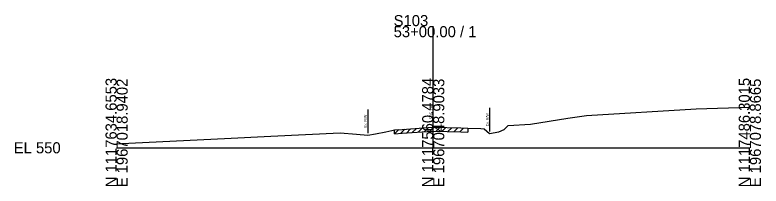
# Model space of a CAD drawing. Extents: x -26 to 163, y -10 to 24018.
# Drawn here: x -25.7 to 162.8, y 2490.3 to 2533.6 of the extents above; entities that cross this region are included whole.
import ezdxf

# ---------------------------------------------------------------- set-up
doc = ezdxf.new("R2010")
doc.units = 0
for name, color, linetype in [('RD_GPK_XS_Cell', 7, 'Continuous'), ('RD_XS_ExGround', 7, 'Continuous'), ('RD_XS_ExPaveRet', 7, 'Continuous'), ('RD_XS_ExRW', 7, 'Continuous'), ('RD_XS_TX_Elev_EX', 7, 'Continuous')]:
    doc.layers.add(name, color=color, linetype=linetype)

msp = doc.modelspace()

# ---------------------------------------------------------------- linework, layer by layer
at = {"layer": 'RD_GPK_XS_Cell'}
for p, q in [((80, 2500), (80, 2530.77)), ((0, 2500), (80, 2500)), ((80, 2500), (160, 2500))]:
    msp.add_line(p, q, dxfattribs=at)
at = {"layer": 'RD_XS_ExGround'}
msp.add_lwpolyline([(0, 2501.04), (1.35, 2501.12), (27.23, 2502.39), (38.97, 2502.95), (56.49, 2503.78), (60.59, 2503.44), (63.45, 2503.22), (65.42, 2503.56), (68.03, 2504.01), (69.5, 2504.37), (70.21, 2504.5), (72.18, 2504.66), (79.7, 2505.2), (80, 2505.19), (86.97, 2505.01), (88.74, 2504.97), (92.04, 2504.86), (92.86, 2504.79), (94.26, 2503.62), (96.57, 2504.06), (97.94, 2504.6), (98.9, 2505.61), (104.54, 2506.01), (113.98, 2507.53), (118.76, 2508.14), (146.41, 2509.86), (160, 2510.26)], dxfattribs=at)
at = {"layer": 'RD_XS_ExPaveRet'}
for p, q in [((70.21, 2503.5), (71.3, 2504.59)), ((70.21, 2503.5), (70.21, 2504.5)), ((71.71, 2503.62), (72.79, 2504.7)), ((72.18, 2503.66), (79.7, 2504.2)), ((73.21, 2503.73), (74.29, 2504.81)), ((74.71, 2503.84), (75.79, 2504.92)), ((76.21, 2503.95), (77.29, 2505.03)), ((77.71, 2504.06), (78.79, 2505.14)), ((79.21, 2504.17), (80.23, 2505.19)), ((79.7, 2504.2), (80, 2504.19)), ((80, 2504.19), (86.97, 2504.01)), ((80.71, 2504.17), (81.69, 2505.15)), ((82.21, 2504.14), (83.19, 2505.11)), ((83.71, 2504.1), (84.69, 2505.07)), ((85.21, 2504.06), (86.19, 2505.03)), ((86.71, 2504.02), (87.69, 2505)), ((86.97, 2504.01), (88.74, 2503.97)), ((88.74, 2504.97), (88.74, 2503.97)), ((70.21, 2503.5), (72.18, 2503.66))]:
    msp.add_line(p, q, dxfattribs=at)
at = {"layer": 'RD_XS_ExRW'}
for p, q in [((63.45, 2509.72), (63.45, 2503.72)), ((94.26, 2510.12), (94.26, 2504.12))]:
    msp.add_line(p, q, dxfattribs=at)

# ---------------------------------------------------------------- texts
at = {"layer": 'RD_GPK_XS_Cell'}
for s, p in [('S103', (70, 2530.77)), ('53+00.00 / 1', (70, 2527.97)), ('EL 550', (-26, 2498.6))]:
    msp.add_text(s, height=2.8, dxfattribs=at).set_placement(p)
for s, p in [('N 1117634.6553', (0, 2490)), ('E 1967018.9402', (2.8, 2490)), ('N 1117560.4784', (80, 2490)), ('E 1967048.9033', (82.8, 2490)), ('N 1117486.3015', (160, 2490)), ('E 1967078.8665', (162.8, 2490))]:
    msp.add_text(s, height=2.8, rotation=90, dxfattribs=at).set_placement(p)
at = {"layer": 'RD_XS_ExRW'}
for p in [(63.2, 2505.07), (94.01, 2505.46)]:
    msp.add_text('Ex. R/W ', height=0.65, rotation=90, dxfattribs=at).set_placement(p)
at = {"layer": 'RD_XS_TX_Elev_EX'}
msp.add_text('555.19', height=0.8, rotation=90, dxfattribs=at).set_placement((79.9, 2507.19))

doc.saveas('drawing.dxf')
● ● ● ● ● ● ●
▸ To do: Would you print all of the entries exactly, omitting any image?

▸ Your response:
# Model space of a CAD drawing. Extents: x -26 to 163, y -10 to 24018.
# Drawn here: x -25.7 to 162.8, y 2490.3 to 2533.6 of the extents above; entities that cross this region are included whole.
import ezdxf

# ---------------------------------------------------------------- set-up
doc = ezdxf.new("R2010")
doc.units = 0
for name, color, linetype in [('RD_GPK_XS_Cell', 7, 'Continuous'), ('RD_XS_ExGround', 7, 'Continuous'), ('RD_XS_ExPaveRet', 7, 'Continuous'), ('RD_XS_ExRW', 7, 'Continuous'), ('RD_XS_TX_Elev_EX', 7, 'Continuous')]:
    doc.layers.add(name, color=color, linetype=linetype)

msp = doc.modelspace()

# ---------------------------------------------------------------- linework, layer by layer
at = {"layer": 'RD_GPK_XS_Cell'}
for p, q in [((80, 2500), (80, 2530.77)), ((0, 2500), (80, 2500)), ((80, 2500), (160, 2500))]:
    msp.add_line(p, q, dxfattribs=at)
at = {"layer": 'RD_XS_ExGround'}
msp.add_lwpolyline([(0, 2501.04), (1.35, 2501.12), (27.23, 2502.39), (38.97, 2502.95), (56.49, 2503.78), (60.59, 2503.44), (63.45, 2503.22), (65.42, 2503.56), (68.03, 2504.01), (69.5, 2504.37), (70.21, 2504.5), (72.18, 2504.66), (79.7, 2505.2), (80, 2505.19), (86.97, 2505.01), (88.74, 2504.97), (92.04, 2504.86), (92.86, 2504.79), (94.26, 2503.62), (96.57, 2504.06), (97.94, 2504.6), (98.9, 2505.61), (104.54, 2506.01), (113.98, 2507.53), (118.76, 2508.14), (146.41, 2509.86), (160, 2510.26)], dxfattribs=at)
at = {"layer": 'RD_XS_ExPaveRet'}
for p, q in [((70.21, 2503.5), (71.3, 2504.59)), ((70.21, 2503.5), (70.21, 2504.5)), ((71.71, 2503.62), (72.79, 2504.7)), ((72.18, 2503.66), (79.7, 2504.2)), ((73.21, 2503.73), (74.29, 2504.81)), ((74.71, 2503.84), (75.79, 2504.92)), ((76.21, 2503.95), (77.29, 2505.03)), ((77.71, 2504.06), (78.79, 2505.14)), ((79.21, 2504.17), (80.23, 2505.19)), ((79.7, 2504.2), (80, 2504.19)), ((80, 2504.19), (86.97, 2504.01)), ((80.71, 2504.17), (81.69, 2505.15)), ((82.21, 2504.14), (83.19, 2505.11)), ((83.71, 2504.1), (84.69, 2505.07)), ((85.21, 2504.06), (86.19, 2505.03)), ((86.71, 2504.02), (87.69, 2505)), ((86.97, 2504.01), (88.74, 2503.97)), ((88.74, 2504.97), (88.74, 2503.97)), ((70.21, 2503.5), (72.18, 2503.66))]:
    msp.add_line(p, q, dxfattribs=at)
at = {"layer": 'RD_XS_ExRW'}
for p, q in [((63.45, 2509.72), (63.45, 2503.72)), ((94.26, 2510.12), (94.26, 2504.12))]:
    msp.add_line(p, q, dxfattribs=at)

# ---------------------------------------------------------------- texts
at = {"layer": 'RD_GPK_XS_Cell'}
for s, p in [('S103', (70, 2530.77)), ('53+00.00 / 1', (70, 2527.97)), ('EL 550', (-26, 2498.6))]:
    msp.add_text(s, height=2.8, dxfattribs=at).set_placement(p)
for s, p in [('N 1117634.6553', (0, 2490)), ('E 1967018.9402', (2.8, 2490)), ('N 1117560.4784', (80, 2490)), ('E 1967048.9033', (82.8, 2490)), ('N 1117486.3015', (160, 2490)), ('E 1967078.8665', (162.8, 2490))]:
    msp.add_text(s, height=2.8, rotation=90, dxfattribs=at).set_placement(p)
at = {"layer": 'RD_XS_ExRW'}
for p in [(63.2, 2505.07), (94.01, 2505.46)]:
    msp.add_text('Ex. R/W ', height=0.65, rotation=90, dxfattribs=at).set_placement(p)
at = {"layer": 'RD_XS_TX_Elev_EX'}
msp.add_text('555.19', height=0.8, rotation=90, dxfattribs=at).set_placement((79.9, 2507.19))

doc.saveas('drawing.dxf')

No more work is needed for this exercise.